WHAT IS EXPECTED:
Repeat the listing below verbatim, without its images.

PROVIDED INFORMATION:
○ ○ ○

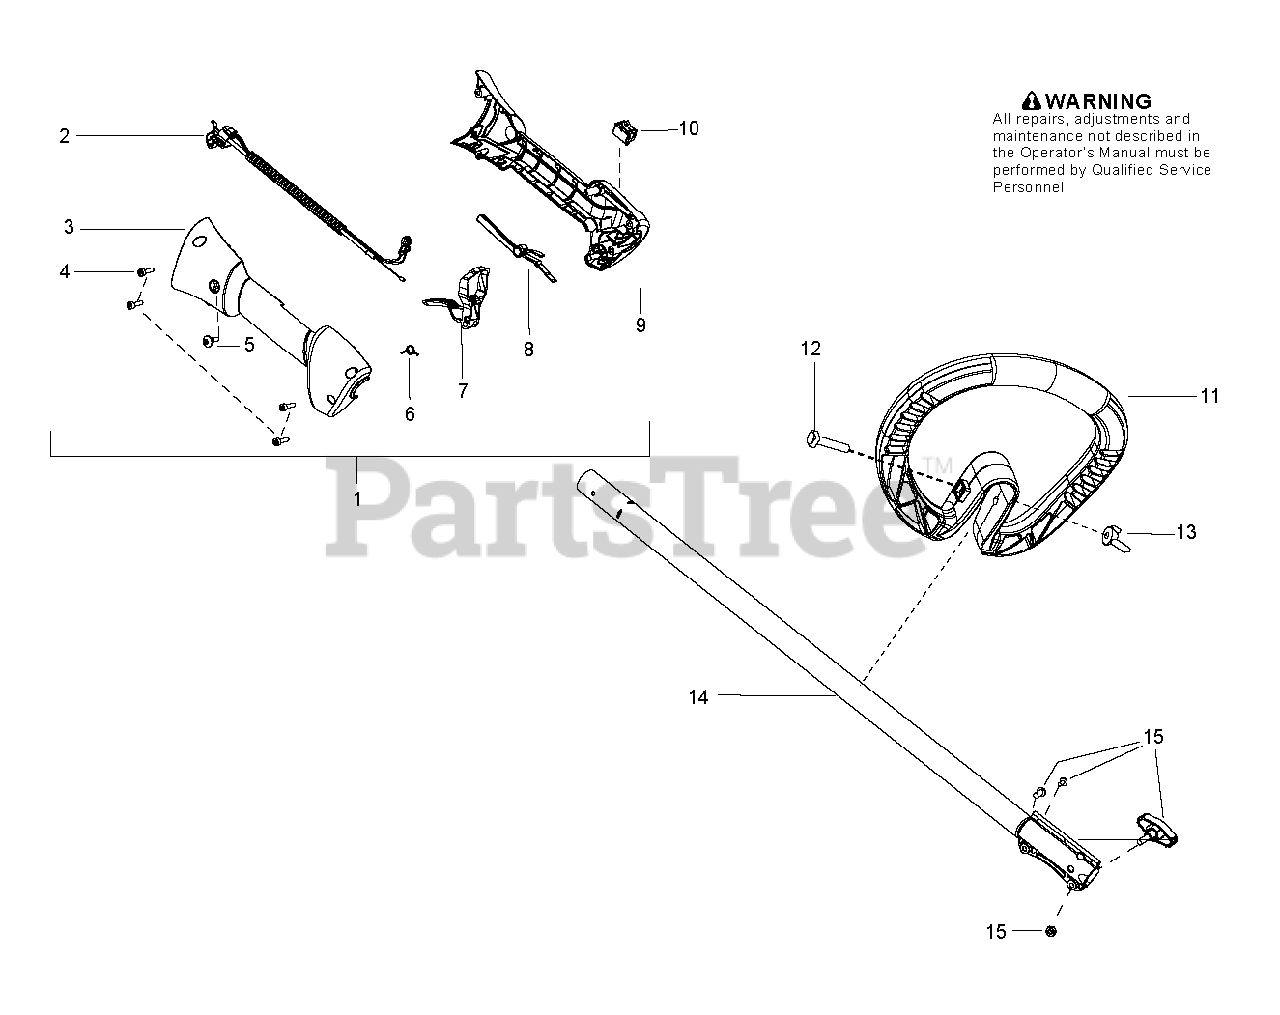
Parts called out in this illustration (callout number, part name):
2	ASSY CABLE/WIRE HARNESS
3	HANDLE HALF RIGHT
4	SCREW M4 X 1.75 PT 16MM
5	SCREW M4 X 1.75 PT 16MM
8	LOCKOUT TRIGGER
9	HANDLE HALF LEFT
10	STOP SWITCH
11	HANDLE ASSIST 1"
12	BOLT, TYPE 2
13	WINGNUT, TYPE 2
14	Drive Shaft Kit, Upper
15	ASSY COUPLER BLACK
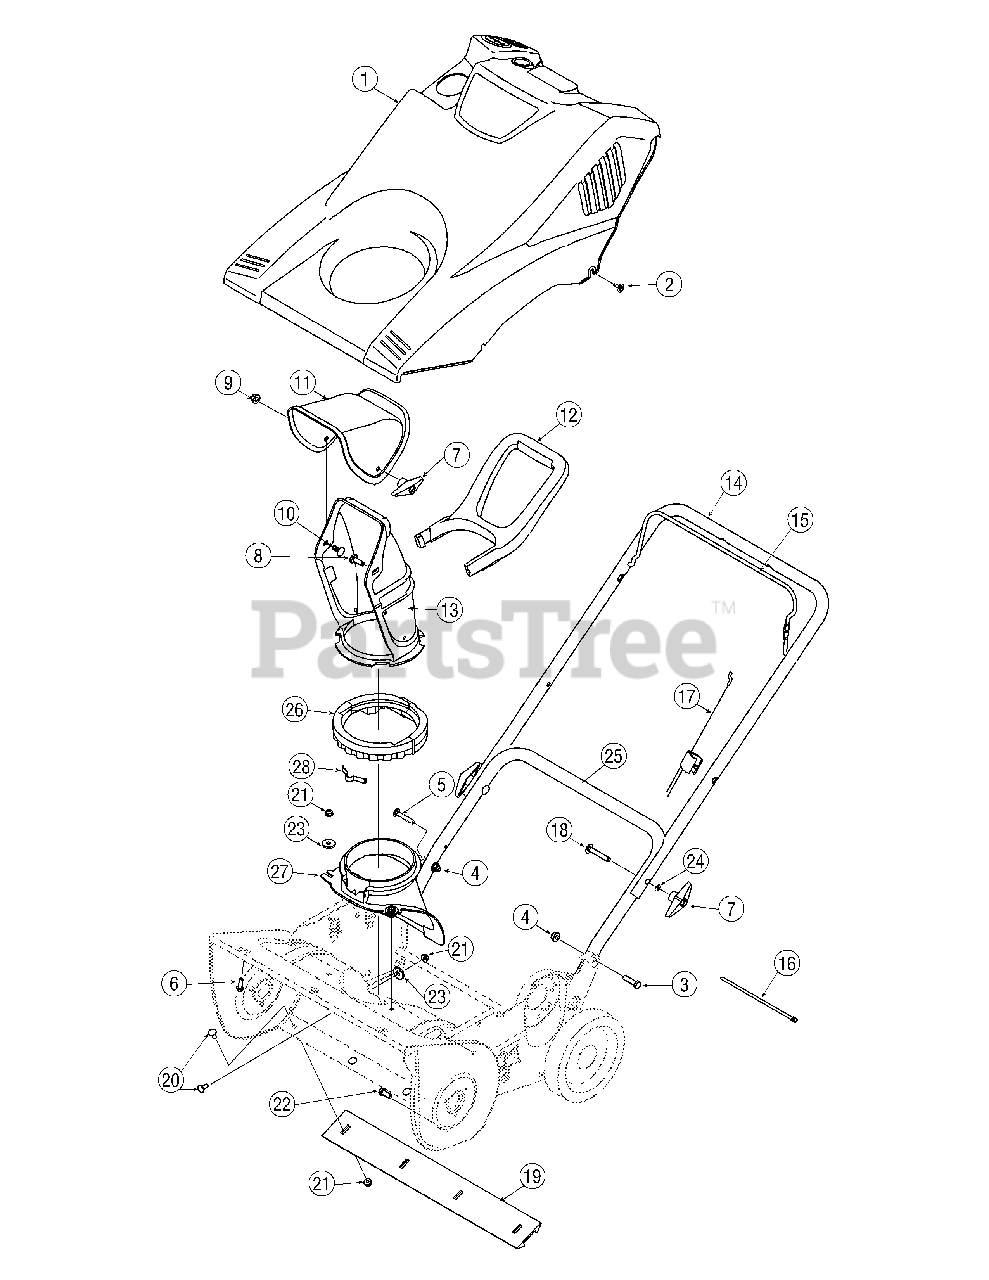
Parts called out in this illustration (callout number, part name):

○ ○ ○

SOLUTION TO THIS EXERCISE:
Parts called out in this illustration (callout number, part name):
2	ASSY CABLE/WIRE HARNESS
3	HANDLE HALF RIGHT
4	SCREW M4 X 1.75 PT 16MM
5	SCREW M4 X 1.75 PT 16MM
8	LOCKOUT TRIGGER
9	HANDLE HALF LEFT
10	STOP SWITCH
11	HANDLE ASSIST 1"
12	BOLT, TYPE 2
13	WINGNUT, TYPE 2
14	Drive Shaft Kit, Upper
15	ASSY COUPLER BLACK
Parts called out in this illustration (callout number, part name):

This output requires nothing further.